◆ ACTIVITY ◆
After locating the line that contains "Maximum Fuse Amps_60Hz = 16.0 A" in the records below, write out exactly that line and each line after it through the one that contains "Maximum Airflow = 570.00 m³/h", and nothing else.
-*-
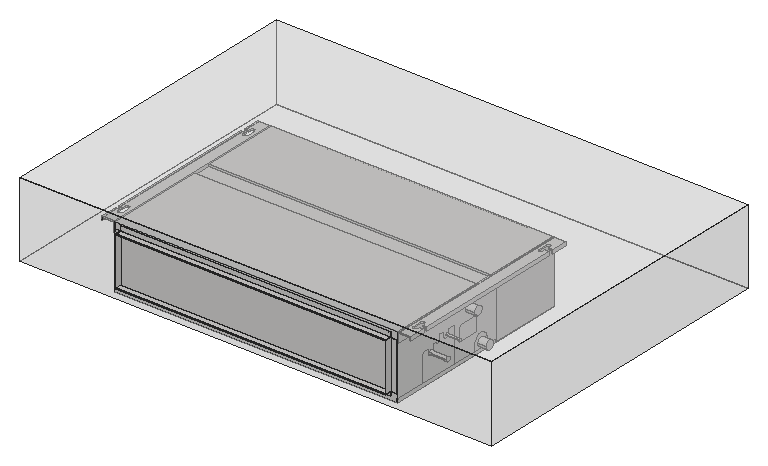
Revit family "outputfile", category 機械設備, Revit 2024
Family settings
  丸型コネクタ寸法 = 半径を使用
  パーツ タイプ = 標準
  OmniClass 番号 = 23.75.10.24.21.27.27
  OmniClass タイトル = Split System Air Conditioning Units
  作業面ベース = いいえ
  常に垂直 = はい
  ロード時にボイドで切り取り = いいえ
  注釈の向きを維持 = いいえ
  共有 = いいえ
  部屋計算ポイント = はい
Parameters (values of type "FXDQ40NDVM")
  書き出し IFC クラス(タイプ) = "IfcUnitaryEquipmentType"
  定義済み IFC タイプ(タイプ) = "AIRCONDITIONINGUNIT"
  ld_powersupply = Depth / 2  # 310.0 mm
  製造元 = "Daikin"
  モデル = "FXDQ40NDVM"
  r_Liquid Pipe Size = Liquid Pipe Size / 2  # 3.2 mm
  r_Gas Pipe Size = Gas Pipe Size / 2  # 6.35 mm
  r_Drain Pipe Size = Drain Pipe Size / 2  # 13.0 mm
  lw_powersupply = 50.0 mm  # constant formula
  lw_ductflange2 = 820.0 mm
  lw_Width = 860.0 mm
  lh_suctionflange [instance] = 100.0 mm  # constant formula
  ld_suctionflange [instance] = if(Rear Connection_Return Air, 190.0 mm, 100.0 mm)  # 190.0 mm
  angle_vertical_RA [instance] = if(Rear Connection_Return Air, 90.00°, 0.00°)  # 90.00°
  angle horizontal_RA [instance] = if(Rear Connection_Return Air, 180.00°, 270.00°)  # 180.00°
  Voltage_comment_60Hz = "220-240"
  Voltage_comment_50Hz = "220-240"
  Voltage_60Hz = 220 V
  Voltage_50Hz = 220 V
  Supply Air Direction [instance] = yes
  Rear Connection_Return Air [instance] = not(Bottom Connection_Return Air)  # yes
  RA_length [instance] = if(Rear Connection_Return Air, 190.0 mm, 100.0 mm)  # 190.0 mm
  Phase_60Hz = 1
  Phase_50Hz = 1
  Minimum External Static Pressure = 15.00 Pa
  Minimum Circuit Amps_60Hz = 1.0 A
  Minimum Circuit Amps_50Hz = 1.0 A
  Maximum Fuse Amps_60Hz = 16.0 A
  Maximum Fuse Amps_50Hz = 16.0 A
  Maximum External Static Pressure = 44.00 Pa
  Material_Casing = DAIKIN_GalvanizedSteel_Casing_indoorunit
  lw_liquidpipe = 46.0 mm  # constant formula
  lw_gaspipe = 57.0 mm  # constant formula
  lw_mountinghole = 940.0 mm
  lw_drainpipe = 33.0 mm  # constant formula
  lh_powersupply = 150.0 mm  # constant formula
  lh_liquidpipe = 90.0 mm  # constant formula
  lh_gaspipe = 113.0 mm  # constant formula
  lh_mountinghole = Height  # 200.0 mm
  lh_drainpipe = 50.0 mm  # constant formula
  lh_antena = 1.0 mm  # constant formula
  ld_liquidpipe = 193.0 mm  # constant formula
  ld_gaspipe = 130.0 mm  # constant formula
  ld_mountinghole = 500.0 mm  # constant formula
  ld_drainpipe = 280.0 mm  # constant formula
  ld_controlbox = 626.0 mm  # constant formula
  h*** = 0.0 mm  # constant formula
  d_dischargeflange = 21.2 mm  # constant formula
  Width = 900.0 mm
  Version = "ver.1.0"
  Unit Type = "Duct_Slim"
  Unit Mass Weight = 27.00 kg
  Unit Designation [instance] = ""
  Uniclass2015Version = "Products v1.30"
  Uniclass2015Title = "Variable refrigerant flow units"
  Uniclass2015Code = "Pr_70_65_03_94"
  Total Heating Capacity [instance] = 0.000 kW
  Total Cooling Capacity [instance] = 0.000 kW
  Sound Pressure Level_L speed (dBA) = 30
  Sound Pressure Level_H speed (dBA) = 32
  Series = "VRV Fan Coil Unit"
  Sensible Cooling Capacity [instance] = 0.000 kW
  SA Duct Size Width = 860.0 mm
  SA Duct Size Height = 153.0 mm
  Refrigerant Type = "R410A"
  RA Duct Size Width = 780.0 mm
  RA Duct Size Height = 160.0 mm
  Power Input (Heating) = 0.147 kW
  Power Input (Cooling) = 0.160 kW
  Option Accessory 3 [instance] = ""
  Option Accessory 2 [instance] = ""
  Option Accessory 1 [instance] = ""
  Nominal Heating Capacity = 5.000 kW
  Nominal Cooling Capacity = 4.500 kW
  Minimum Airflow = 510.00 m³/h
  Median Airflow = 0.00 m³/h
  Maximum Airflow = 570.00 m³/h
  Load Classification = HVAC
  Liquid Pipe Size = 6.4 mm
  Link_Nested Family [instance] = ""
  IfcVersion = ""
  IfcExportType = "AIRCONDITIONINGUNIT"
  IfcExportAs = "IfcUnitaryEquipmentType"
  Height = 200.0 mm
  Heating Entering Wet Bulb Temperature [instance] = 0.00 °C
  Heating Entering Dry Bulb Temperature [instance] = 0.00 °C
  Heating Ambient Wet Bulb Temperature [instance] = 0.00 °C
  Heating Ambient Dry Bulb Temperature [instance] = 0.00 °C
  Heat Exchanger Type = "Cross Fin Coil"
  Gas Pipe Size = 12.7 mm
  Frequency_60Hz = 60 Hz
  Frequency_50Hz = 50 Hz
  Fan Type = "Sirocco Fan"
  Fan Drive = "Direct Drive"
  FCU Tag No. [instance] = ""
  Drain Pipe Size = 26.0 mm
  Design Supply Airflow [instance] = 0.00 m³/h
  Design Return Airflow [instance] = 0.00 m³/h
  Design External Static Pressure [instance] = 0.00 Pa
  Depth = 620.0 mm
  既定の高さ = 0.0 mm
  Cooling Entering Wet Bulb Temperature [instance] = 0.00 °C
  Cooling Entering Dry Bulb Temperature [instance] = 0.00 °C
  Cooling Ambient Wet Bulb Temperature [instance] = 0.00 °C
  Cooling Ambient Dry Bulb Temperature [instance] = 0.00 °C
  Clearance visibility [instance] = yes
  Clearance Top = 20.0 mm
  Clearance Right = 300.0 mm
  Clearance Rear = 400.0 mm
  Clearance Left = 300.0 mm
  Clearance Front = 0.0 mm
  Clearance Bottom = 20.0 mm
  Bottom Connection_Return Air [instance] = no
  1111 = 64.0 mm
Reference planes
  plane 1 "Center (Front/Back)": y = 0
  plane 2: z = 0
  plane 3 "Center (Left/Right)": x = 0
  plane 4 "Back": y = 310
  plane 5 "Front": y = -310
  plane 6 "Left": x = -450
  plane 7 "Right": x = 450
  plane 8 "Top": z = 0
  plane 9 "Bottom": z = -200
  plane 10: x = -470
  plane 11: x = 470
  plane 12: y = 250
  plane 13: z = 0
  plane 14 "Clearance Left": x = -750
  plane 15 "Clearance Right": x = 750
  plane 16 "Clearance Rear": y = 710
  plane 17 "Clearance Front": y = -310
  plane 18 "Clearance Top": z = 20
  plane 19 "Clearance Bottom": z = -220
  plane 20: y = -250
  plane 21: z = -21
  plane 22: z = -97.5
  plane 23: x = -40
  plane 24: y = 120
  plane 25: z = -100
  plane 26: y = -180
  plane 27: z = -113
  plane 28: y = -117
  plane 29: z = -90
  plane 30: y = 20
  plane 31: z = -170
  plane 32: x = 507
  plane 33: x = 496
  plane 34: x = 480
  plane 35: x = 400
  plane 36: z = -150
  plane 37: y = -30
  plane 38: z = -50
  plane 39: x = 483
Forms (mm)
  Extrusion 1, solid, material "DAIKIN_GalvanizedSteel_Casing_indoorunit" <- "Material_Casing"
    sketch origin (0, 0, 0) x (1, 0, 0) y (0, 1, 0)
      loop
        line (-450, -310) -> (450, -310) -> (450, 310) -> (-450, 310) -> (-450, -310)
    from -200 to 0
  Extrusion 2, void
    sketch origin (0, 0, 1) x (1, 0, 0) y (0, 1, 0)
      loop
        line (-450, 61.5) -> (-450, 3.5) -> (450, 3.5) -> (450, 61.5) -> (-450, 61.5)
    from -1 to -7
  Extrusion 3, solid, material "DAIKIN_GalvanizedSteel_Casing_indoorunit" <- "Material_Casing", visible <- "Bottom Connection_Return Air"
    sketch origin (0, 0, 0) x (1, 0, 0) y (0, 0, 1)
      loop
        line (-430, -180) -> (350, -180) -> (350, -20) -> (-430, -20) -> (-430, -180)
    from -310 to -309
  Extrusion 4, solid, material "DAIKIN_GalvanizedSteel_Casing_indoorunit" <- "Material_Casing", visible <- "Rear Connection_Return Air"
    sketch origin (0, 0, 0) x (1, 0, 0) y (0, 1, 0)
      loop
        line (-430, 290) -> (-430, 130) -> (350, 130) -> (350, 290) -> (-430, 290)
    from -200 to -199
  Extrusion 5, solid, material "DAIKIN_GalvanizedSteel_Casing_indoorunit" <- "Material_Casing"
    sketch origin (450, 0, 0) x (0, 1, 0) y (0, 0, 1)
      loop
        circle (-180, -113) r 6.35
    from 0 to 57
  Extrusion 6, solid, material "DAIKIN_GalvanizedSteel_Casing_indoorunit" <- "Material_Casing"
    sketch origin (450, 0, 0) x (0, 1, 0) y (0, 0, 1)
      loop
        circle (-117, -90) r 3.2
    from 0 to 46
  Extrusion 7, solid, material "DAIKIN_GalvanizedSteel_Casing_indoorunit" <- "Material_Casing"
    sketch origin (450, 0, 0) x (0, 1, 0) y (0, 0, 1)
      loop
        circle (20, -170) r 13
    from 0 to 30
  Extrusion 8, solid, material "DAIKIN_GalvanizedSteel_Casing_indoorunit" <- "Material_Casing"
    sketch origin (450, 0, 0) x (0, 1, 0) y (0, 0, 1)
      loop
        line (-310, -200) -> (78.6, -200) -> (78.6, -193)
        arc (78.6, -193) -> (77.721, -190.879) -> (75.6, -190) r 3
        line (75.6, -190) -> (-310, -190) -> (-310, -200)
    from 0 to -1
  Extrusion 9, solid, material "DAIKIN_GalvanizedSteel_Casing_indoorunit" <- "Material_Casing"
    sketch origin (450, 0, 0) x (0, 1, 0) y (0, 0, 1)
      loop
        line (-211.008, -190) -> (-86.594, -190) -> (-86.594, -80) -> (-105, -80) -> (-105, -90)
        arc (-105, -90) -> (-117, -102) -> (-129, -90) r 12
        line (-129, -90) -> (-129, -80) -> (-140.087, -80) -> (-140.087, -103.199) -> (-158.085, -103.199) -> (-158.085, -95.501) -> (-166.014, -95.501) -> (-166.014, -112.698) -> (-168.672, -112.698)
        arc (-168.672, -112.698) -> (-179.849, -124.331) -> (-191.332, -113) r 11.332
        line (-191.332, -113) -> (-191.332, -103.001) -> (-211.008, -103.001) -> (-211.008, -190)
-*-
◆ SOLUTION TO THE PROBLEM ◆
  Maximum Fuse Amps_60Hz = 16.0 A
  Maximum Fuse Amps_50Hz = 16.0 A
  Maximum External Static Pressure = 44.00 Pa
  Material_Casing = DAIKIN_GalvanizedSteel_Casing_indoorunit
  lw_liquidpipe = 46.0 mm  # constant formula
  lw_gaspipe = 57.0 mm  # constant formula
  lw_mountinghole = 940.0 mm
  lw_drainpipe = 33.0 mm  # constant formula
  lh_powersupply = 150.0 mm  # constant formula
  lh_liquidpipe = 90.0 mm  # constant formula
  lh_gaspipe = 113.0 mm  # constant formula
  lh_mountinghole = Height  # 200.0 mm
  lh_drainpipe = 50.0 mm  # constant formula
  lh_antena = 1.0 mm  # constant formula
  ld_liquidpipe = 193.0 mm  # constant formula
  ld_gaspipe = 130.0 mm  # constant formula
  ld_mountinghole = 500.0 mm  # constant formula
  ld_drainpipe = 280.0 mm  # constant formula
  ld_controlbox = 626.0 mm  # constant formula
  h*** = 0.0 mm  # constant formula
  d_dischargeflange = 21.2 mm  # constant formula
  Width = 900.0 mm
  Version = "ver.1.0"
  Unit Type = "Duct_Slim"
  Unit Mass Weight = 27.00 kg
  Unit Designation [instance] = ""
  Uniclass2015Version = "Products v1.30"
  Uniclass2015Title = "Variable refrigerant flow units"
  Uniclass2015Code = "Pr_70_65_03_94"
  Total Heating Capacity [instance] = 0.000 kW
  Total Cooling Capacity [instance] = 0.000 kW
  Sound Pressure Level_L speed (dBA) = 30
  Sound Pressure Level_H speed (dBA) = 32
  Series = "VRV Fan Coil Unit"
  Sensible Cooling Capacity [instance] = 0.000 kW
  SA Duct Size Width = 860.0 mm
  SA Duct Size Height = 153.0 mm
  Refrigerant Type = "R410A"
  RA Duct Size Width = 780.0 mm
  RA Duct Size Height = 160.0 mm
  Power Input (Heating) = 0.147 kW
  Power Input (Cooling) = 0.160 kW
  Option Accessory 3 [instance] = ""
  Option Accessory 2 [instance] = ""
  Option Accessory 1 [instance] = ""
  Nominal Heating Capacity = 5.000 kW
  Nominal Cooling Capacity = 4.500 kW
  Minimum Airflow = 510.00 m³/h
  Median Airflow = 0.00 m³/h
  Maximum Airflow = 570.00 m³/h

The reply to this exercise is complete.